# [What you will do]
Read through the listing below and copy each line in which the word "linetype" occurs.

# [Given records]
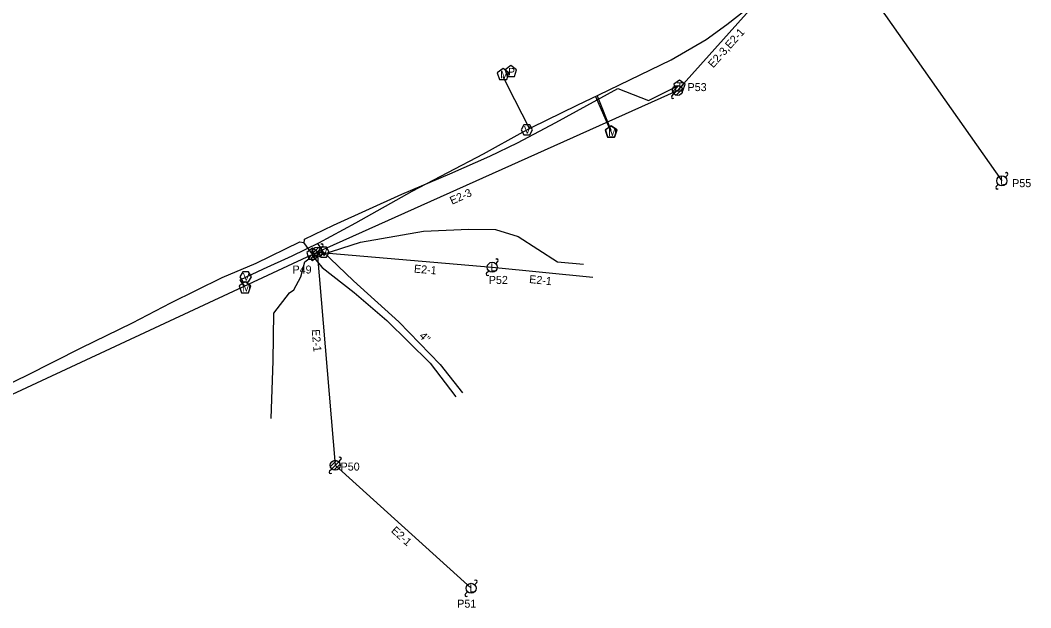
# Model space of a CAD drawing. Extents: x 1741604 to 1825760, y 1164229 to 1194908.
# Drawn here: x 1756853 to 1757358, y 1169162 to 1169455 of the extents above; entities that cross this region are included whole.
import ezdxf

# ---------------------------------------------------------------- set-up
doc = ezdxf.new("R2010")
doc.units = 0
for name, color, linetype in [('RD_EX_SU_H2O', 7, 'Continuous'), ('RD_EX_SU_Ovhd', 7, 'Continuous'), ('RD_EX_SU_Pole', 7, 'Continuous'), ('RD_EX_SU_Telecom', 7, 'Continuous'), ('RD_EX_SU_TX_H2O', 7, 'Continuous'), ('RD_EX_SU_TX_Pole', 7, 'Continuous')]:
    doc.layers.add(name, color=color, linetype=linetype)

# ---------------------------------------------------------------- blocks, each defined once
blk = doc.blocks.new('SUE_WM')
at = {"layer": 'RD_EX_SU_H2O'}
blk.add_lwpolyline([(0, 3.05), (-2.9, 0.94), (-1.79, -2.47), (1.79, -2.47), (2.9, 0.94)], close=True, dxfattribs=at)
blk.add_text('M', height=3.75, dxfattribs=at).set_placement((-1.43, -1.88))
blk = doc.blocks.new('SUE_WV')
at = {"layer": 'RD_EX_SU_H2O'}
blk.add_lwpolyline([(2.89, 0), (1.44, 2.5), (-1.44, 2.5), (-2.89, 0), (-1.44, -2.5), (1.44, -2.5)], close=True, dxfattribs=at)
blk.add_text('V', height=3.75, dxfattribs=at).set_placement((-1.43, -1.88))
blk = doc.blocks.new('SUE_TPP')
at = {"layer": 'RD_EX_SU_Telecom'}
blk.add_lwpolyline([(0, 3), (-2.85, 0.93), (-1.76, -2.43), (1.76, -2.43), (2.85, 0.93)], close=True, dxfattribs=at)
blk.add_text('T', height=3.75, dxfattribs=at).set_placement((-1.25, -1.88))

msp = doc.modelspace()

# ---------------------------------------------------------------- linework, layer by layer
at = {"layer": 'RD_EX_SU_H2O'}
for p, q in [((1757141.49, 1169417.71), (1757148.47, 1169400.5)), ((1757140.67, 1169417.32), (1757148.29, 1169400.22))]:
    msp.add_line(p, q, dxfattribs=at)
for points in [[(1756965.33, 1169322.24), (1756963.21, 1169325.73), (1756974.8, 1169331.25), (1756989.08, 1169337.78), (1757002.37, 1169344.21), (1757021, 1169354.2), (1757049.09, 1169370.07), (1757084.79, 1169388.71), (1757104.65, 1169399.79), (1757108.73, 1169401.93), (1757131.58, 1169412.99), (1757142.37, 1169418.13), (1757178.58, 1169435.66), (1757196, 1169445.83), (1757206.34, 1169453.3), (1757217.04, 1169461.72), (1757228.65, 1169477.7)], [(1757107.82, 1169401.45), (1757100.47, 1169415.66), (1757094.52, 1169427.24)], [(1757001.74, 1169343.86), (1757004.27, 1169340.03), (1757019.77, 1169325.31), (1757042.39, 1169304.84), (1757063.14, 1169283.41), (1757074.27, 1169269.39)]]:
    msp.add_lwpolyline(points, dxfattribs=at)
msp.add_lwpolyline([(1757098.42, 1169432.8), (1757095.52, 1169430.69), (1757096.63, 1169427.28), (1757100.21, 1169427.28), (1757101.32, 1169430.69)], close=True, dxfattribs=at)
at = {"layer": 'RD_EX_SU_Ovhd'}
for p, q in [((1757181.7, 1169420.4), (1757254.71, 1169502.01)), ((1757254.71, 1169502.01), (1757343.85, 1169375.24)), ((1757001.63, 1169339.59), (1757181.7, 1169420.4)), ((1756708.15, 1169203.09), (1757001.63, 1169339.59)), ((1757001.63, 1169339.59), (1757010.67, 1169233.11)), ((1757001.63, 1169339.59), (1757089.13, 1169332.08)), ((1757089.13, 1169332.08), (1757139.42, 1169327.03)), ((1757010.67, 1169233.11), (1757078.55, 1169171.67))]:
    msp.add_line(p, q, dxfattribs=at)
at = {"layer": 'RD_EX_SU_Pole'}
for p, q in [((1757179.29, 1169419.76), (1757182.36, 1169422.82)), ((1757183.48, 1169422.17), (1757184.54, 1169423.23)), ((1757178.88, 1169417.58), (1757179.94, 1169418.64)), ((1757179.94, 1169418.64), (1757183.48, 1169422.17)), ((1757181.06, 1169417.99), (1757184.12, 1169421.05)), ((1757345.61, 1169377.01), (1757346.67, 1169378.07)), ((1757341.02, 1169372.42), (1757342.08, 1169373.48)), ((1756999.22, 1169338.94), (1757002.28, 1169342)), ((1757003.4, 1169341.35), (1757004.46, 1169342.41)), ((1756998.8, 1169336.76), (1756999.87, 1169337.82)), ((1756999.87, 1169337.82), (1757003.4, 1169341.35)), ((1757000.99, 1169337.17), (1757004.05, 1169340.23)), ((1757090.89, 1169333.85), (1757091.95, 1169334.91)), ((1757086.3, 1169329.25), (1757087.36, 1169330.31)), ((1757012.43, 1169234.87), (1757013.49, 1169235.94)), ((1757007.84, 1169230.28), (1757008.9, 1169231.34)), ((1757008.25, 1169232.46), (1757011.31, 1169235.52)), ((1757008.9, 1169231.34), (1757012.43, 1169234.87)), ((1757010.02, 1169230.69), (1757013.08, 1169233.75)), ((1757080.32, 1169173.44), (1757081.38, 1169174.5)), ((1757075.72, 1169168.84), (1757076.78, 1169169.9))]:
    msp.add_line(p, q, dxfattribs=at)
for centre in [(1757181.71, 1169420.4), (1757343.85, 1169375.24), (1757001.63, 1169339.59), (1757089.13, 1169332.08), (1757010.67, 1169233.11), (1757078.55, 1169171.67)]:
    msp.add_circle(centre, 2.5, dxfattribs=at)
for centre, start, end in [((1757184.01, 1169423.76), 315, 135), ((1757179.41, 1169417.05), 135, 315), ((1757346.14, 1169378.6), 315, 135), ((1757341.55, 1169371.89), 135, 315), ((1757003.93, 1169342.95), 315, 135), ((1756999.33, 1169336.23), 135, 315), ((1757091.42, 1169335.44), 315, 135), ((1757086.83, 1169328.72), 135, 315), ((1757012.96, 1169236.47), 315, 135), ((1757008.37, 1169229.75), 135, 315), ((1757080.85, 1169175.03), 315, 135), ((1757076.25, 1169168.31), 135, 315)]:
    msp.add_arc(centre, 0.75, start, end, dxfattribs=at)
at = {"layer": 'RD_EX_SU_Telecom'}
for points in [[(1756995.17, 1169343.88), (1756995.27, 1169346.03), (1757009.75, 1169353.03), (1757043.89, 1169368.52), (1757068, 1169378.78), (1757087.87, 1169387.6), (1757101.69, 1169394.24), (1757120.91, 1169404.43), (1757151.98, 1169421.3), (1757167.24, 1169415.35), (1757181.92, 1169422.71)], [(1756999.66, 1169337.88), (1757004.2, 1169338.44), (1757023.23, 1169344.64), (1757054.7, 1169350.16), (1757077.42, 1169351.12), (1757090.71, 1169350.92), (1757102.01, 1169347.48), (1757121.7, 1169334.78), (1757134.68, 1169333.63)], [(1756706.93, 1169203.78), (1756705.63, 1169208.7), (1756739.31, 1169225.47), (1756751.07, 1169231.4), (1756775.8, 1169242.36), (1756801.58, 1169252.27), (1756827.44, 1169264.14), (1756856.35, 1169277.94), (1756883.6, 1169291.76), (1756909.38, 1169304.26), (1756928.56, 1169314.26), (1756954.07, 1169326.93), (1756971.08, 1169334.18), (1756992.88, 1169344.76), (1756994.71, 1169344.5), (1756998.78, 1169338.96)], [(1756978.66, 1169256.46), (1756979.64, 1169285.32), (1756979.91, 1169309.12), (1756987.8, 1169319.34), (1756989.93, 1169320.81), (1756993.47, 1169327.28), (1756995.47, 1169334.76), (1756997.44, 1169336.29), (1756998.65, 1169338.15)], [(1756999.02, 1169338.03), (1757004.1, 1169331.95), (1757020.11, 1169319.4), (1757036.37, 1169305.42), (1757058.04, 1169284.15), (1757070.99, 1169267.33)]]:
    msp.add_lwpolyline(points, dxfattribs=at)

# ---------------------------------------------------------------- block references
at = {"layer": 'RD_EX_SU_H2O'}
for name, p in [('SUE_WM', (1757094.55, 1169428.32)), ('SUE_WV', (1757106.42, 1169400.75)), ('SUE_WM', (1757148.51, 1169399.56)), ('SUE_WM', (1757148.59, 1169399.72)), ('SUE_WV', (1757004.81, 1169339.53)), ('SUE_WV', (1756965.93, 1169327.31)), ('SUE_WM', (1756965.55, 1169321.81))]:
    msp.add_blockref(name, p, dxfattribs=at)
at = {"layer": 'RD_EX_SU_Telecom'}
for p in [(1757182.66, 1169422.55), (1756999.25, 1169338.55)]:
    msp.add_blockref('SUE_TPP', p, dxfattribs=at)

# ---------------------------------------------------------------- texts
at = {"layer": 'RD_EX_SU_H2O'}
msp.add_text('P', height=3.75, dxfattribs=at).set_placement((1757097.17, 1169427.87))
at = {"layer": 'RD_EX_SU_Ovhd'}
for s, rotation, p in [('E2-3,E2-1', 48.1817, (1757199.55, 1169431.36)), ('E2-3', 24.1717, (1757069.01, 1169363.25)), ('E2-1', 355.0957, (1757049.88, 1169329.42)), ('E2-1', 354.2657, (1757107.45, 1169324.21)), ('E2-1', 274.8493, (1756998.89, 1169300.89)), ('E2-1', 317.8531, (1757038.25, 1169200.05))]:
    msp.add_text(s, height=4, rotation=rotation, dxfattribs=at).set_placement(p)
at = {"layer": 'RD_EX_SU_Pole'}
for p in [(1757342.98, 1169373.24), (1757088.26, 1169330.08), (1757077.69, 1169169.67)]:
    msp.add_text('L', height=4, dxfattribs=at).set_placement(p)
at = {"layer": 'RD_EX_SU_TX_H2O'}
msp.add_text('4"', height=4, rotation=314.0833, dxfattribs=at).set_placement((1757052.33, 1169297.45))
at = {"layer": 'RD_EX_SU_TX_Pole'}
for s, p in [('P53', (1757186.76, 1169420.06)), ('P55', (1757349.02, 1169372.08)), ('P49', (1756989.3, 1169328.92)), ('P52', (1757087.42, 1169323.73)), ('P50', (1757013.34, 1169230.48)), ('P51', (1757071.64, 1169162))]:
    msp.add_text(s, height=4, dxfattribs=at).set_placement(p)

doc.saveas('drawing.dxf')

# [Result of this exercise]
for name, color, linetype in [('RD_EX_SU_H2O', 7, 'Continuous'), ('RD_EX_SU_Ovhd', 7, 'Continuous'), ('RD_EX_SU_Pole', 7, 'Continuous'), ('RD_EX_SU_Telecom', 7, 'Continuous'), ('RD_EX_SU_TX_H2O', 7, 'Continuous'), ('RD_EX_SU_TX_Pole', 7, 'Continuous')]:
    doc.layers.add(name, color=color, linetype=linetype)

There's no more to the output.